For those familiar with Thomas Kuhn's work
The Structure of Scientific Revolutions,
this article from the April 2013
Proceedings of the National Academy of Sciences could be portentious.
The author, a professor of Industrial and Systems Engineering at Oakland University in Rochester MI, describes a concept which she calls "pathological altruism" which could help explain much of the rancor of our domestic politics today.
A common everyday example is parents who try to shield their children from the natural negative consequences of their actions (e.g., the child fails to study, gets a bad grade, and the parent threatens to sue the school district unless the grade is improved).
Note that the pathological altruist
geniunely believes s/he is being helpful! This is a crucial point.
Because people are human, this belief that they are being helpful blinds them to the obvious (to anyone else) observation that the people they are purporting to help, are in fact NOT being helped at all.
I mentioned this article to someone whom I respect greatly, and his first response was, "you mean like government policies that are supposed to help people but wind up making people even more dependent instead?"
Thus we wind up with TWO problems instead of one!

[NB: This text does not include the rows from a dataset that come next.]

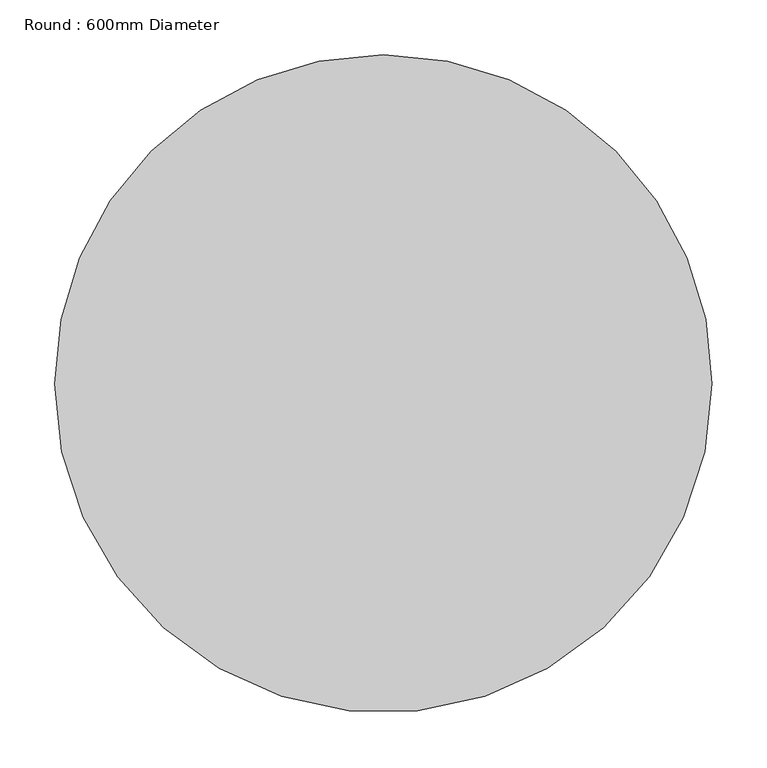
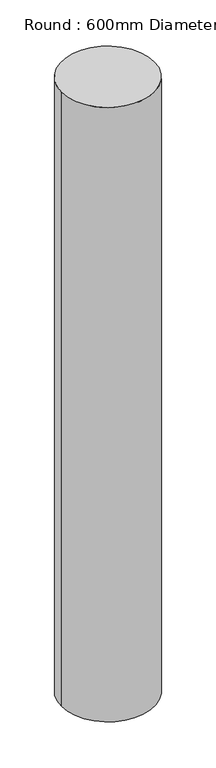
"""IFC4 building model written with IfcOpenShell, lengths in millimetres: column geometry, Round : 600mm Diameter."""

from ifc_helpers import new_model, si_unit, point, frame, origin, origin_2d, place, context, project, spatial, circle_curve, trimmed, segment, composite_curve, outline, extrude, source, transform, mapped, element, save


def round_600mm_diameter_20240e27(model_context):
    return source(origin(), model_context, "Body", "SweptSolid", [
        extrude(outline(composite_curve([segment(trimmed(circle_curve(origin_2d(), 300.0), [point((300.0, 0.0))], [point((-300.0, 0.0))], False, "CARTESIAN"), True, "CONTINUOUS"), segment(trimmed(circle_curve(origin_2d(), 300.0), [point((-300.0, 0.0))], [point((0.0, 300.0))], False, "CARTESIAN"), True, "CONTINUOUS"), segment(trimmed(circle_curve(origin_2d(), 300.0), [point((0.0, 300.0))], [point((300.0, 0.0))], False, "CARTESIAN"), True, "CONTINUOUS")], self_intersect=False)), frame((0.0, 0.0, 130470.0), z_axis=(0.0, 0.0, 1.0), x_axis=(1.0, 0.0, 0.0)), (0.0, 0.0, 1.0), 4200.0),
    ])


if __name__ == "__main__":
    model = new_model("IFC4")
    model_context = context("Model", 3, world=origin())
    ifc_project = project(units=[si_unit("LENGTHUNIT", "METRE", prefix="MILLI")], contexts=[model_context])
    site = spatial("IfcSite", under=ifc_project)
    building = spatial("IfcBuilding", under=site)
    placement = place(None, origin())
    round_600mm_diameter_shape = round_600mm_diameter_20240e27(model_context)
    element("IfcColumn", 1, ObjectType="Round : 600mm Diameter", at=placement, inside=building, context=model_context, shape_type="MappedRepresentation", body=[
        mapped(round_600mm_diameter_shape, transform((0.0, 0.0, 0.0), x_axis=(1.0, 0.0, 0.0), y_axis=(0.0, 1.0, 0.0), z_axis=(0.0, 0.0, 1.0))),
    ])
    save(model, "model.ifc")

# Revit data of these elements
# Type "Round : 600mm Diameter"
#   Keynote = "G"
#   Diameter = 600.00 mm
#   Offset Base = 0.00 mm
#   Offset Top = 0.00 mm
#   built-in parameter 1002110 = 8421504
#   built-in parameter 1002106 = element 3
#   Material = Concrete - Cast In Situ
# Element 1 (IfcColumn, "Round : 600mm Diameter")
#   Materials on its faces: "Concrete - Cast In Situ"
# Materials
#   "Concrete - Cast In Situ": class "Unassigned", colour RGB 255 255 255, transparency 0, Keynote = "E10/132", Cost = 0
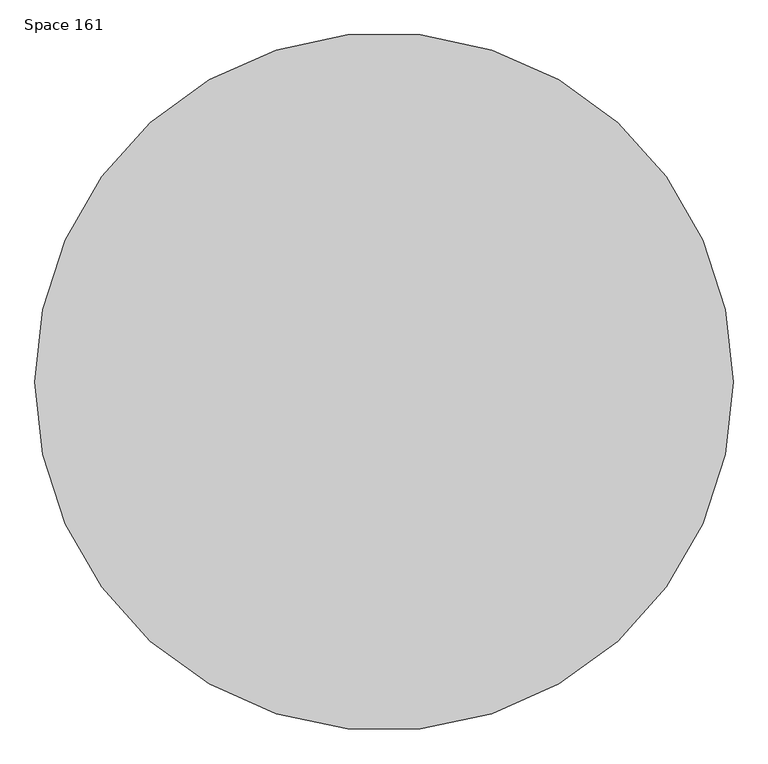
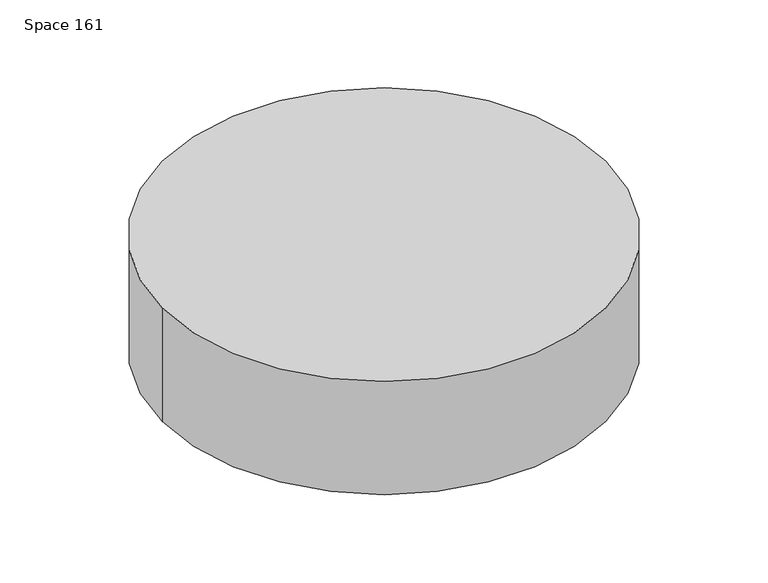
"""IFC4 building model written with IfcOpenShell, lengths in millimetres: proxy geometry, Space 161."""

from ifc_helpers import new_model, si_unit, point, frame, frame_2d, origin, place, context, project, spatial, circle_curve, trimmed, segment, composite_curve, outline, extrude, source, transform, mapped, element, save


def space_161_ce7e7759(model_context):
    return source(origin(), model_context, "Body", "SweptSolid", [
        extrude(outline(composite_curve([segment(trimmed(circle_curve(frame_2d((-24639.5440345, -26167.559635)), 5638.8), [point((-30278.3440345, -26167.559635))], [point((-19000.7440345, -26167.559635))], False, "CARTESIAN"), True, "CONTINUOUS"), segment(trimmed(circle_curve(frame_2d((-24639.5440345, -26167.559635)), 5638.8), [point((-19000.7440345, -26167.559635))], [point((-30278.3440345, -26167.559635))], False, "CARTESIAN"), True, "CONTINUOUS")], self_intersect=False)), frame((0.0, 0.0, 3810.0), z_axis=(0.0, 0.0, 1.0), x_axis=(1.0, 0.0, 0.0)), (0.0, 0.0, 1.0), 3048.0),
    ])


if __name__ == "__main__":
    model = new_model("IFC4")
    model_context = context("Model", 3, world=origin())
    ifc_project = project(units=[si_unit("LENGTHUNIT", "METRE", prefix="MILLI")], contexts=[model_context])
    site = spatial("IfcSite", under=ifc_project)
    building = spatial("IfcBuilding", under=site)
    placement = place(None, origin())
    space_161_shape = space_161_ce7e7759(model_context)
    element("IfcBuildingElementProxy", 1, Name="Space 161", ObjectType="Space 161", at=placement, inside=building, context=model_context, shape_type="MappedRepresentation", body=[
        mapped(space_161_shape, transform((0.0, 0.0, 0.0), x_axis=(1.0, 0.0, 0.0), y_axis=(0.0, 1.0, 0.0), z_axis=(0.0, 0.0, 1.0))),
    ])
    save(model, "model.ifc")

# Revit data of these elements
# Element 1 (IfcBuildingElementProxy, "Space 161")
#   Materials on its faces: "Render Material 255-255-255"
# Materials
#   "Render Material 255-255-255": class "Unassigned", colour RGB 255 255 255, transparency 0

The first problem is the increased dependency of people, where ACTUAL helpfulness would instead be to increase self-reliance.
The second problem is that any attempts to point out the first problem result in the pathological altruist "digging in his/her heels" and becoming even MORE insistent on being "helpful."
The second problem results in highly-polarized politics, as the pathological altruist adopts a defensive attitude of moral superiority, which allows him/her to demonize anyone who disagrees with their policy prescriptions as being "selfish" or "uncaring" when in fact it is frequently the exact opposite which is the motivation.
No one questions their
desire to be helpful; people merely say "look at the results: this isn't working." and of course in the ensuing arguments, the people who actually need the help are totally ignored.